If we compile this program with SAFECode and execute it:

We'll get the following error report:

=======+++++++    SAFECODE RUNTIME ALERT +++++++=======
= Error type                            : Load/Store Error
= Faulting pointer                      : 0x100100679
= Program counter                       : 0x100002493
= Fault PC Source                       : /Users/criswell/tmp/safecode/test/test.c:7
=
= Object allocated at PC                : 0x100002ad6
= Allocated in Source File              : /Users/criswell/tmp/safecode/test/test.c:17
= Object allocation sequence number     : 3
= Object start                          : 0x100100670
= Object length                         : 0x9

The first thing to note is the error type. SAFECode is reporting a load/store error, meaning that some memory access is trying to access a memory location that it should not. The second thing to note is the faulting pointer field (0x100100679) which tells us the pointer value that was invalid. SAFECode reports that the error occurred on line 7 of test.c; this is what we expect because that is the line in foo() that accesses out-of-bounds memory.

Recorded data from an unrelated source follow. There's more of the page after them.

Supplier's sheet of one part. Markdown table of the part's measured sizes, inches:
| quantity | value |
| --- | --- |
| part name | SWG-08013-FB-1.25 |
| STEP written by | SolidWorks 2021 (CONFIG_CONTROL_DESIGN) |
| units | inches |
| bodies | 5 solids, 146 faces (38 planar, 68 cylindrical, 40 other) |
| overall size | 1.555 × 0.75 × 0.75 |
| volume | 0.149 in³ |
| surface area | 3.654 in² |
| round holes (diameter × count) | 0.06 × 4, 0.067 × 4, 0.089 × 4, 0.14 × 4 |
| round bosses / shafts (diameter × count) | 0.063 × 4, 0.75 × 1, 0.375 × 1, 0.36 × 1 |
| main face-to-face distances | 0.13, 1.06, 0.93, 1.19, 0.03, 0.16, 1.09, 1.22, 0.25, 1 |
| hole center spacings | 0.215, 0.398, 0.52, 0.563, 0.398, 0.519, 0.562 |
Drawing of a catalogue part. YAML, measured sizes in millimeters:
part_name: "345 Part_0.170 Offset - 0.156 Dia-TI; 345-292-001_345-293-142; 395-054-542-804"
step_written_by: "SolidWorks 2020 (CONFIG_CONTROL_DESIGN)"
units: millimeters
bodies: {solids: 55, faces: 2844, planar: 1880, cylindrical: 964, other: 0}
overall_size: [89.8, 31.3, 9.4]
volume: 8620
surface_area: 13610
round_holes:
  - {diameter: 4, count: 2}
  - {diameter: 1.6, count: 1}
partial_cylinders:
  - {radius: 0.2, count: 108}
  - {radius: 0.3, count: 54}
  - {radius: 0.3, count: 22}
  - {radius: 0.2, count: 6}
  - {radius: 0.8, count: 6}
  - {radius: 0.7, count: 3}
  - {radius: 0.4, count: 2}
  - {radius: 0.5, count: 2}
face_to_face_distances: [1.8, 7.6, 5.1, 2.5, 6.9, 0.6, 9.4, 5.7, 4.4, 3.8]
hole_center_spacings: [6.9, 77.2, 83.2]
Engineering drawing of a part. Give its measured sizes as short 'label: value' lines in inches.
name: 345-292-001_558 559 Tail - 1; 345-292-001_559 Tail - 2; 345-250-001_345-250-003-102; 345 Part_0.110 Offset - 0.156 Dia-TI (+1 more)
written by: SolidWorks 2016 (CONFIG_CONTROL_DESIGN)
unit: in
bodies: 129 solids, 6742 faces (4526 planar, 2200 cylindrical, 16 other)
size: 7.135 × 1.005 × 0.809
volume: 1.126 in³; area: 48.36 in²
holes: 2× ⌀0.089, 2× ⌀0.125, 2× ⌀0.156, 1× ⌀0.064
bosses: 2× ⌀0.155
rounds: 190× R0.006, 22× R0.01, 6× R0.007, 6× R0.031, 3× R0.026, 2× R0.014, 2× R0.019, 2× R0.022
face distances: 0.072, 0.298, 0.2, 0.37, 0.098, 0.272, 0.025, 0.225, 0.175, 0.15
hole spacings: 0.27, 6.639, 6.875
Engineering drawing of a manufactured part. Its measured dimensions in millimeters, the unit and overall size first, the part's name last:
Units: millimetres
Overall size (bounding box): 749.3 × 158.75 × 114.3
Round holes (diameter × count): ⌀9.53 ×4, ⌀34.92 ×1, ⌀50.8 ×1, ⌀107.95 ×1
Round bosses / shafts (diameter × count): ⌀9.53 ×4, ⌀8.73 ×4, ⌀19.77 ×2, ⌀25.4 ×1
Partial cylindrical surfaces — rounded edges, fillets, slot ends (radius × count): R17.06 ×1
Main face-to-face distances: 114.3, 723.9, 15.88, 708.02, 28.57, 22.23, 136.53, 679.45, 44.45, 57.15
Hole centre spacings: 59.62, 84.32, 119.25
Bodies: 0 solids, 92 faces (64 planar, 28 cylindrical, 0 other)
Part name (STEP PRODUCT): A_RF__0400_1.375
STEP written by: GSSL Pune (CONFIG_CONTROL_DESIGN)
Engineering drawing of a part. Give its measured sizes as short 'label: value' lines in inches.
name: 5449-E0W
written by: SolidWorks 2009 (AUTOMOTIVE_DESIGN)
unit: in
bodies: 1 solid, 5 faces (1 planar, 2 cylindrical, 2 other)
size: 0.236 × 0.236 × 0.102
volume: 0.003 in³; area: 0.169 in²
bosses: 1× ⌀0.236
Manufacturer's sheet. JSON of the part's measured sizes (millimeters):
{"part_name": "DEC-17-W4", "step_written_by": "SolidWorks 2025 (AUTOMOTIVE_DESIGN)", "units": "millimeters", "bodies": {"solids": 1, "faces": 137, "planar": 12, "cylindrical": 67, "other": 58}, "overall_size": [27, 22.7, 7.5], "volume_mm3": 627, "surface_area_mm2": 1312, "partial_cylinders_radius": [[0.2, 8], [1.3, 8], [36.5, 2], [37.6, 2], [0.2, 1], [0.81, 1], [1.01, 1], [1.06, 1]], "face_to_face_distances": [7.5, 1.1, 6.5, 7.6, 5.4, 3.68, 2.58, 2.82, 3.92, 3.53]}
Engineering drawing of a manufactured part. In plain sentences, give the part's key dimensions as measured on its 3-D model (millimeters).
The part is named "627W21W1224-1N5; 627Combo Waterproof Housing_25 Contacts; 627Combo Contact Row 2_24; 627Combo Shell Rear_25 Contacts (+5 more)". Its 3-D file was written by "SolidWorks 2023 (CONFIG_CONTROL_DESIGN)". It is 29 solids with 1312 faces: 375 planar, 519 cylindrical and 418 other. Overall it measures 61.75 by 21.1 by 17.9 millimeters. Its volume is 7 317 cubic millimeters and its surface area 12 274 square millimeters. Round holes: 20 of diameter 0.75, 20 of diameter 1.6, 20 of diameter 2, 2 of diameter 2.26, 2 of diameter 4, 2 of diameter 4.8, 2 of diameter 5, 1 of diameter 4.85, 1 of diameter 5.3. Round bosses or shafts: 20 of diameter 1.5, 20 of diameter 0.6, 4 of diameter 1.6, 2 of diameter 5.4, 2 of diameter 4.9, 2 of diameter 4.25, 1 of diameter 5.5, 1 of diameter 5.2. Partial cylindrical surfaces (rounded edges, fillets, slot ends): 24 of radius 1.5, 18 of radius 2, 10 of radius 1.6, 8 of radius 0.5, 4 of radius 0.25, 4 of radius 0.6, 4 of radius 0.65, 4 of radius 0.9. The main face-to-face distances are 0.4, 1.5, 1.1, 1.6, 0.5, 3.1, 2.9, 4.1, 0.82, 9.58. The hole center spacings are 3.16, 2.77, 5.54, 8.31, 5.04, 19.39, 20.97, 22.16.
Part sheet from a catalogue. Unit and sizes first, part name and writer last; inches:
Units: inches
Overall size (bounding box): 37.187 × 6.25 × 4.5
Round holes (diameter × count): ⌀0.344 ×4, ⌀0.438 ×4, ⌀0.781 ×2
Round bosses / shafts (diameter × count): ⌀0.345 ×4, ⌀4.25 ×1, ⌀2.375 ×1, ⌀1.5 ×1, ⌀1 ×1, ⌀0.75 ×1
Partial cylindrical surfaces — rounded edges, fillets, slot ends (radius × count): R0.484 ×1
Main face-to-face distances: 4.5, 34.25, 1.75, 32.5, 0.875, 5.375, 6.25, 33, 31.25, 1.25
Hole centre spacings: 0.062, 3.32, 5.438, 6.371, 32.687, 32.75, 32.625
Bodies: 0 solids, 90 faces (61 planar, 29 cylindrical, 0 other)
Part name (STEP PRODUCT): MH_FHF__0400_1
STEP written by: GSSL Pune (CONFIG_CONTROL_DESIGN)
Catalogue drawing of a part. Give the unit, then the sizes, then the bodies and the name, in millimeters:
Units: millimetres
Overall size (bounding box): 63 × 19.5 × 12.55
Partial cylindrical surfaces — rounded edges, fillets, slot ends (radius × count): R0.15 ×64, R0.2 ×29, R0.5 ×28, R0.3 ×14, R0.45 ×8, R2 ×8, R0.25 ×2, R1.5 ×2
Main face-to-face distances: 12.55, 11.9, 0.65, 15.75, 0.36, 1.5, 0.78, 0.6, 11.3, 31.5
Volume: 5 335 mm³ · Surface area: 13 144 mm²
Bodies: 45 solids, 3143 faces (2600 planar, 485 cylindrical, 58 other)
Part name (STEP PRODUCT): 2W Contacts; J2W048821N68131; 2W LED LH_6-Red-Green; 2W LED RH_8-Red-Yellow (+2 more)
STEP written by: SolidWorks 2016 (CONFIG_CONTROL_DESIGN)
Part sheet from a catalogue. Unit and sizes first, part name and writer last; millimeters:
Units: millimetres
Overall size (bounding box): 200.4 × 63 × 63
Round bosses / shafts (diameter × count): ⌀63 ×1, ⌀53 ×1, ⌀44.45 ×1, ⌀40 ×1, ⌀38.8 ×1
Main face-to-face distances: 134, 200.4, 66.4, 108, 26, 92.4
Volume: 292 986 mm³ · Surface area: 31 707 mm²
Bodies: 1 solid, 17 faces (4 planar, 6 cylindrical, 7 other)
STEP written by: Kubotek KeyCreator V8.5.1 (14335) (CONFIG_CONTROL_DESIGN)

Now look at the "Object start" and "Object length" fields in the report:

= Object start                          :       0x100100670
= Object length                         :       0x9

Because this is a load/store error, SAFECode is telling us that a pointer started out within the bounds of the memory object starting at 0x100100670 with length 0x9 but that it went out of bounds to 0x100100679 and was subsequently dereferenced. SAFECode can do this using a technique called pointer rewriting; when a pointer goes out of bounds, SAFECode changes it to point to a reserved, unmapped region in the program's virtual address space. SAFECode tracks enough metadata about memory objects that if it ever detects a dereference of a rewritten pointer (like the example above), it can report the bounds of the original object from which the pointer came. Not only that, SAFECode can even tell us the source line information about the location at which the memory object was allocated:

= Allocated in Source File              : /Users/criswell/tmp/safecode/test/test.c:17

Finally, notice the allocation sequence number:

= Object allocation sequence number     :       3

A particular source line may be executed multiple times and allocate many objects. The sequence number above tells us that the memory object was the third memory object allocated at the allocation site in main(). This information could be used, for example, to set a breakpoint at the memory allocation site that doesn't trigger until the memory object experiencing the error is actually allocated.